As AI commoditizes the 'how' of building products, the most critical human skills become the 'what' and 'why.' Product sense (knowing ingredients for a great product) and product taste (discerning what’s missing) will become far more valuable than process management.

Jack Dorsey reframed the Product Manager role as "Product Editor." The most valuable skill is not generating new feature ideas, but exercising judgment to cut through the noise, simplify complexity, and edit the product down to the essential few things that truly drive customer outcomes.

As foundational AI models become commoditized, the key differentiator is shifting from marginal improvements in model capability to superior user experience and productization. Companies that focus on polish, ease of use, and thoughtful integration will win, making product managers the new heroes of the AI race.

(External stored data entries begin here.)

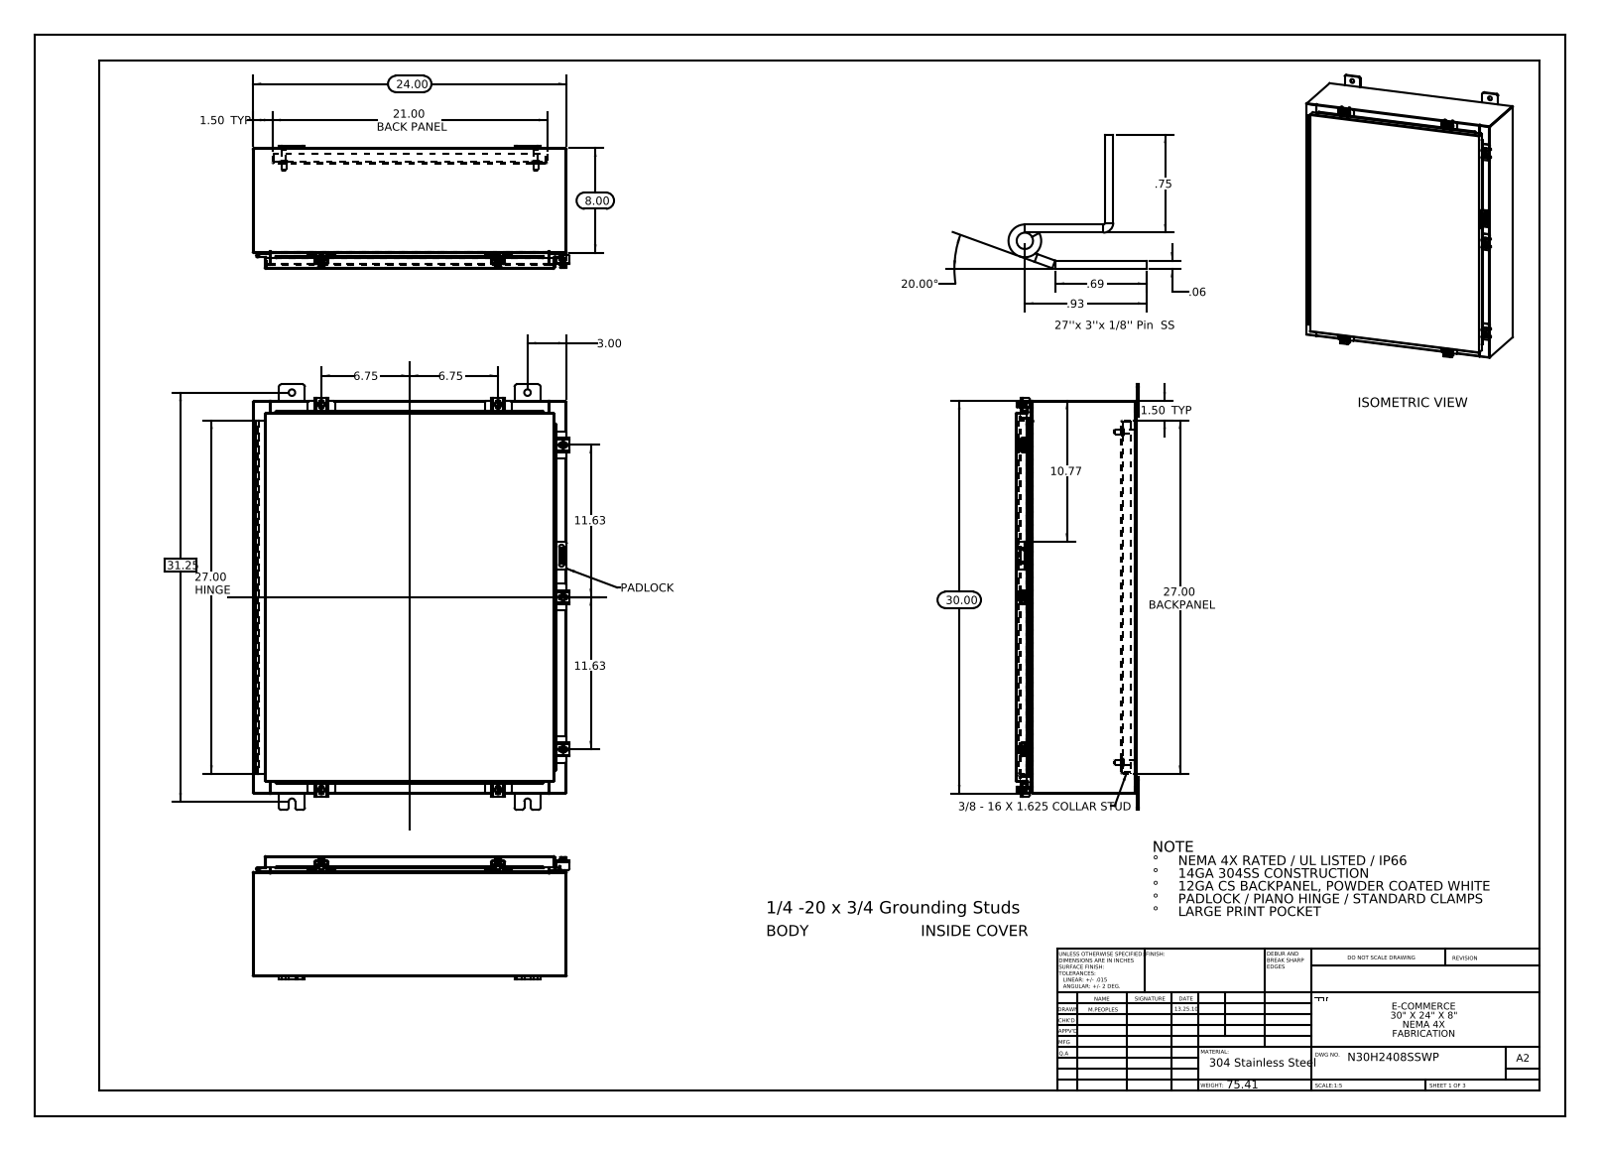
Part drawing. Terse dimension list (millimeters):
name: N30H2408SSWP Standard Clamps; N30H2408SSWP Backpanel; N30H2408SSWP Body; N30H2408SSWP Clamp Bracket (+8 more)
written by: SolidWorks 2013 (CONFIG_CONTROL_DESIGN)
unit: mm
bodies: 52 solids, 1990 faces (1056 planar, 830 cylindrical, 104 other)
size: 825.5 × 615 × 238.5
volume: 4 339 000 mm³; area: 4 270 000 mm²
holes: 8× ⌀12.7, 7× ⌀5.4, 7× ⌀6.6, 2× ⌀3.2, 1× ⌀3.2
bosses: 8× ⌀6.4, 7× ⌀12.7, 7× ⌀10.1, 4× ⌀15.9, 4× ⌀9.5, 4× ⌀8.4
rounds: 34× R1.5, 27× R0.3, 24× R4.8, 21× R2.2, 14× R3, 14× R3.6, 11× R1.3, 10× R2
face distances: 1.9, 231.8, 233.7, 229.9, 2.6, 25.4, 27.3, 204.5, 206.4, 29.9
hole spacings: 698.5, 809.7, 47.2, 57.8, 59.1, 61.5, 90.4, 90.4
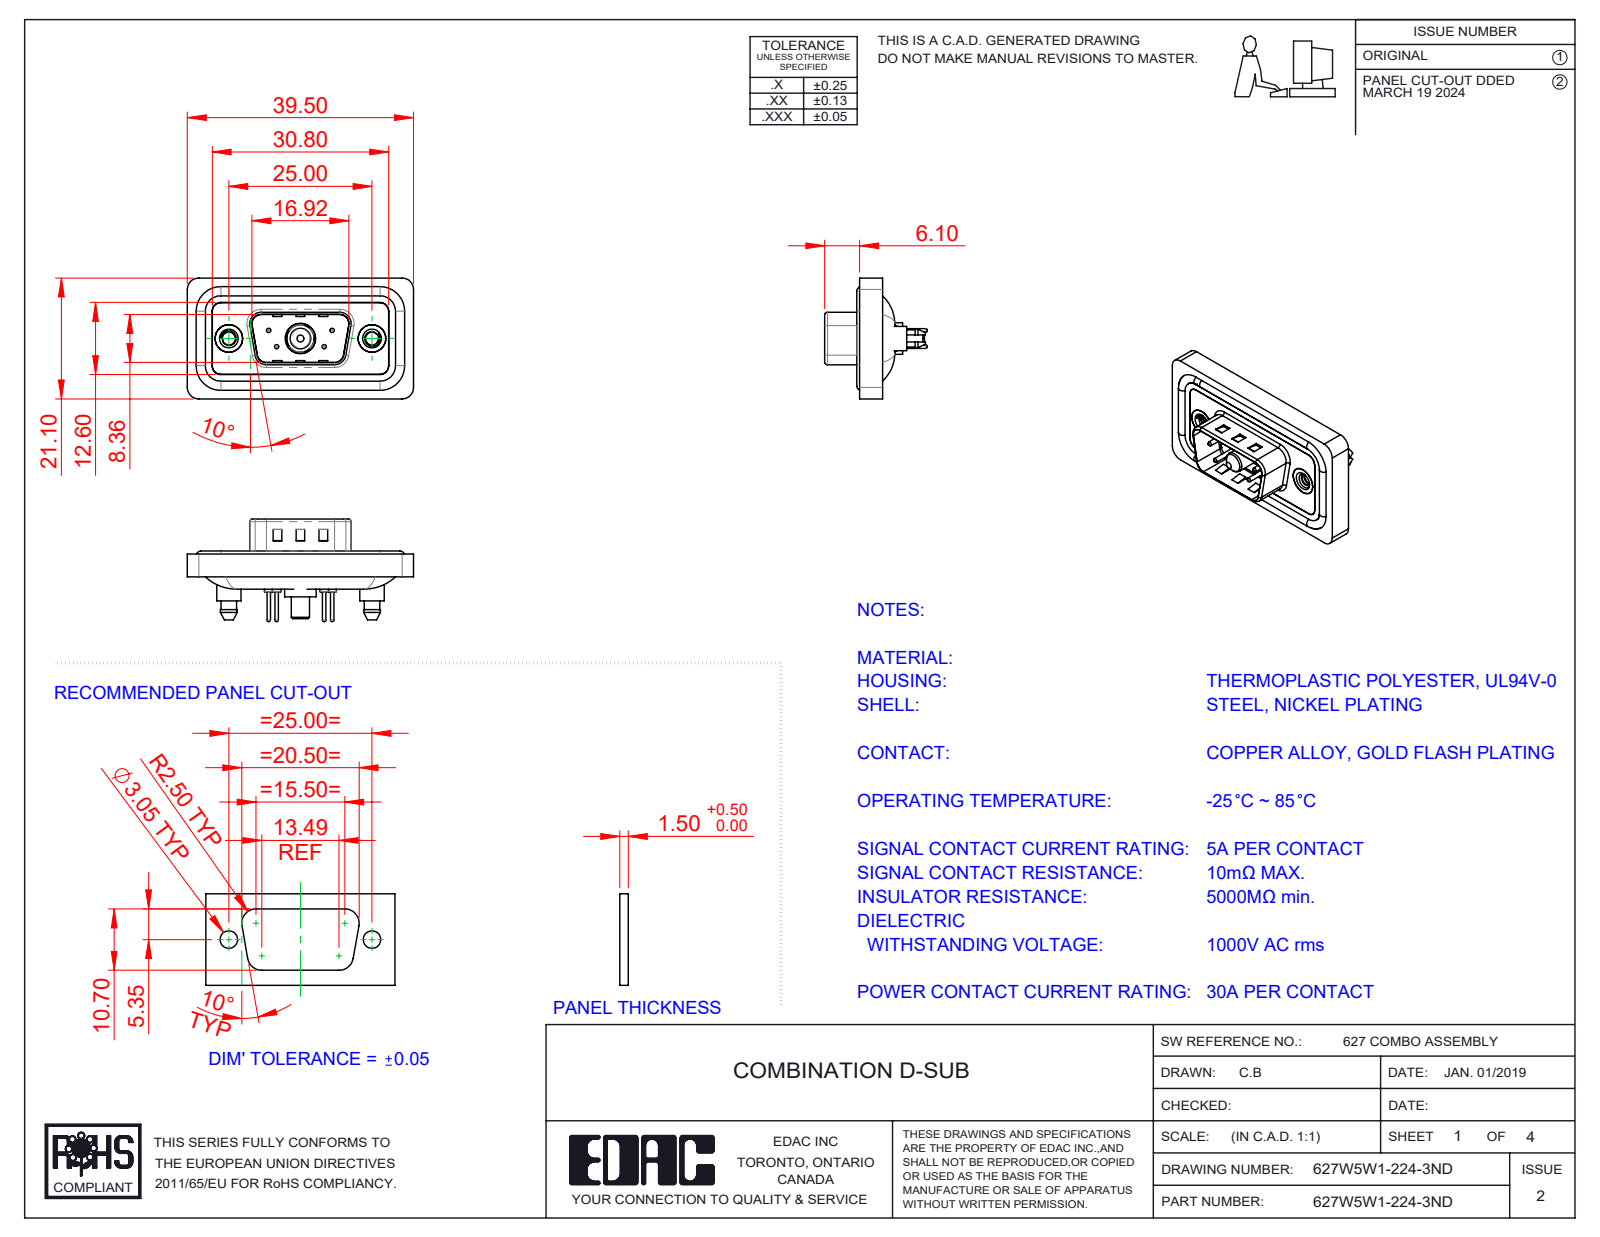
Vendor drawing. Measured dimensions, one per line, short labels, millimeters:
name: 627Combo Threaded Boardlock_5; Power Pin_30A S; 627Combo Housing_5W1; 627Combo Contact Row 1_24 (+6 more)
written by: SolidWorks 2023 (CONFIG_CONTROL_DESIGN)
unit: mm
bodies: 13 solids, 656 faces (199 planar, 295 cylindrical, 162 other)
size: 39.5 × 21.1 × 17.9
volume: 4 529 mm³; area: 7 282 mm²
holes: 4× ⌀0.75, 4× ⌀1.6, 4× ⌀2, 2× ⌀2.26, 2× ⌀4, 2× ⌀4.8, 2× ⌀5, 1× ⌀4.85, 1× ⌀5.3
bosses: 4× ⌀1.6, 4× ⌀1.5, 4× ⌀0.6, 2× ⌀5.4, 2× ⌀4.9, 2× ⌀4.25, 1× ⌀5.5, 1× ⌀5.2
rounds: 24× R1.5, 18× R2, 10× R1.6, 8× R0.5, 4× R0.25, 4× R0.6, 4× R0.65, 4× R0.9
face distances: 0.4, 1.1, 2.9, 1.6, 1.5, 3.1, 0.5, 2.5, 4, 0.8
hole spacings: 3.16, 5.72, 7.1, 12.5, 18.1, 4.39, 4.4, 8.31

Technical implementation is becoming easier with AI. The critical, and now more valuable, skill is the ability to deeply understand customer needs, communicate effectively, and guide a product to market fit. The focus is shifting from "how to build it" to "what to build and why."

As AI makes it incredibly easy to build products, the market will be flooded with options. The critical, differentiating skill will no longer be technical execution but human judgment: deciding *what* should exist, which features matter, and the right distribution strategy. Synthesizing these elements is where future value lies.